We all know that the lofty carbo eating produced the best performances, right? Well, carbo consumption was definitely better than 'normal' eating; the athletes stayed on the treadmills for 76 minutes after a week of carbohydrates, compared to just 69 minutes with their normal fare. However, the best dietary plan of all turned out to be the high-fat protocol ! After a week of increased fat consumption, the athletes ran for over 91 minutes on their treadmills, a 20-per cent advance beyond the carbo plan and a huge 30-per cent improvement over regular eating.
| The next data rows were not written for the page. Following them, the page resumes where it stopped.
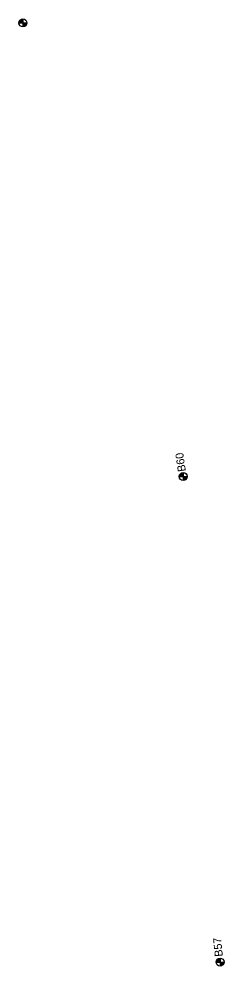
# Model space of a CAD drawing. Extents: x 345549 to 379569, y 127949 to 230467.
# Drawn here: x 359692 to 359949, y 161702 to 162885 of the extents above; entities that cross this region are included whole.
import ezdxf

# ---------------------------------------------------------------- set-up
doc = ezdxf.new("R2010")
doc.units = 0
doc.layers.add('E_SOIL_BORE1 [KAPUR_CADDS_LEVELS]', color=7, linetype='Continuous')
doc.layers.add('P_MARK', color=7, linetype='Continuous')

msp = doc.modelspace()

# ---------------------------------------------------------------- linework, layer by layer
at = {"layer": 'P_MARK'}
for p, q in [((359697, 162884.9), (359697, 162874.9)), ((359692, 162879.9), (359702, 162879.9)), ((359892.4, 162313.3), (359902.4, 162313.3)), ((359897.4, 162318.3), (359897.4, 162308.3)), ((359943.5, 161711.9), (359943.5, 161701.9)), ((359938.5, 161706.9), (359948.5, 161706.9))]:
    msp.add_line(p, q, dxfattribs=at)
for centre in [(359697, 162879.9), (359897.4, 162313.3), (359943.5, 161706.9)]:
    msp.add_circle(centre, 5, dxfattribs=at)
for centre, radius, start, end in [((359697, 162879.9), 4.5, 89.9869, 179.9869), ((359697, 162879.9), 4, 89.9869, 179.9869), ((359697, 162879.9), 3.5, 89.9869, 179.9869), ((359697, 162879.9), 3, 89.9869, 179.9869), ((359697, 162879.9), 2.5, 89.9869, 179.9869), ((359697, 162879.9), 2, 89.9869, 179.9869), ((359697, 162879.9), 1.5, 89.9869, 179.9869), ((359697, 162879.9), 1, 89.9869, 179.9869), ((359697, 162879.9), 0.5, 89.9869, 179.9869), ((359697, 162879.9), 4.5, 269.9869, 359.9869), ((359697, 162879.9), 4, 269.9869, 359.9869), ((359697, 162879.9), 3.5, 269.9869, 359.9869), ((359697, 162879.9), 3, 269.9869, 359.9869), ((359697, 162879.9), 2.5, 269.9869, 359.9869), ((359697, 162879.9), 2, 269.9869, 359.9869), ((359697, 162879.9), 1.5, 269.9869, 359.9869), ((359697, 162879.9), 1, 269.9869, 359.9869), ((359697, 162879.9), 0.5, 269.9869, 359.9869), ((359897.4, 162313.3), 4.5, 89.9869, 179.9869), ((359897.4, 162313.3), 4, 89.9869, 179.9869), ((359897.4, 162313.3), 3.5, 89.9869, 179.9869), ((359897.4, 162313.3), 3, 89.9869, 179.9869), ((359897.4, 162313.3), 2.5, 89.9869, 179.9869), ((359897.4, 162313.3), 2, 89.9869, 179.9869), ((359897.4, 162313.3), 1.5, 89.9869, 179.9869), ((359897.4, 162313.3), 1, 89.9869, 179.9869), ((359897.4, 162313.3), 0.5, 89.9869, 179.9869), ((359897.4, 162313.3), 4.5, 269.9869, 359.9869), ((359897.4, 162313.3), 4, 269.9869, 359.9869), ((359897.4, 162313.3), 3.5, 269.9869, 359.9869), ((359897.4, 162313.3), 3, 269.9869, 359.9869), ((359897.4, 162313.3), 2.5, 269.9869, 359.9869), ((359897.4, 162313.3), 2, 269.9869, 359.9869), ((359897.4, 162313.3), 1.5, 269.9869, 359.9869), ((359897.4, 162313.3), 1, 269.9869, 359.9869), ((359897.4, 162313.3), 0.5, 269.9869, 359.9869), ((359943.5, 161706.9), 4.5, 89.9869, 179.9869), ((359943.5, 161706.9), 4, 89.9869, 179.9869), ((359943.5, 161706.9), 3.5, 89.9869, 179.9869), ((359943.5, 161706.9), 3, 89.9869, 179.9869), ((359943.5, 161706.9), 2.5, 89.9869, 179.9869), ((359943.5, 161706.9), 2, 89.9869, 179.9869), ((359943.5, 161706.9), 1.5, 89.9869, 179.9869), ((359943.5, 161706.9), 1, 89.9869, 179.9869), ((359943.5, 161706.9), 0.5, 89.9869, 179.9869), ((359943.5, 161706.9), 4.5, 269.9869, 359.9869), ((359943.5, 161706.9), 4, 269.9869, 359.9869), ((359943.5, 161706.9), 3.5, 269.9869, 359.9869), ((359943.5, 161706.9), 3, 269.9869, 359.9869), ((359943.5, 161706.9), 2.5, 269.9869, 359.9869), ((359943.5, 161706.9), 2, 269.9869, 359.9869), ((359943.5, 161706.9), 1.5, 269.9869, 359.9869), ((359943.5, 161706.9), 1, 269.9869, 359.9869), ((359943.5, 161706.9), 0.5, 269.9869, 359.9869)]:
    msp.add_arc(centre, radius, start, end, dxfattribs=at)

# ---------------------------------------------------------------- texts
at = {"layer": 'E_SOIL_BORE1 [KAPUR_CADDS_LEVELS]'}
for s, rotation, p in [('B60', 98.5151, (359900.8, 162320.1)), ('B57', 95.5802, (359947, 161714.1))]:
    msp.add_text(s, height=10, rotation=rotation, dxfattribs=at).set_placement(p)

doc.saveas('drawing.dxf')

The Buffalo scientists theorised that a fattier diet fostered better performances by increasing the amount of fat stored inside the athletes' leg muscles. These intramuscular bubbles of fat supposedly provided a rich source of fuel during exercise - helping the athletes to run for a more extended period of time. At long last, it appears that sports-active people can savour bountiful bowls of guilt-free ice cream and other high-fat foods - and then set new PBs in their races!

Oops!

Actually, don't start stoking in the high-fat sweets just yet, because it' s likely that other factors were responsible for the fatty-diet advantage. For one thing, the Buffalo athletes had to complete an overnight fast prior to all three of their endurance tests. Without even a whisper of breakfast, the athletes also had to finish a maximum treadmill exercise test before they even started their endurance runs. During this maximal test, the grade of the treadmill increased every three minutes until the athletes were simply too exhausted to continue.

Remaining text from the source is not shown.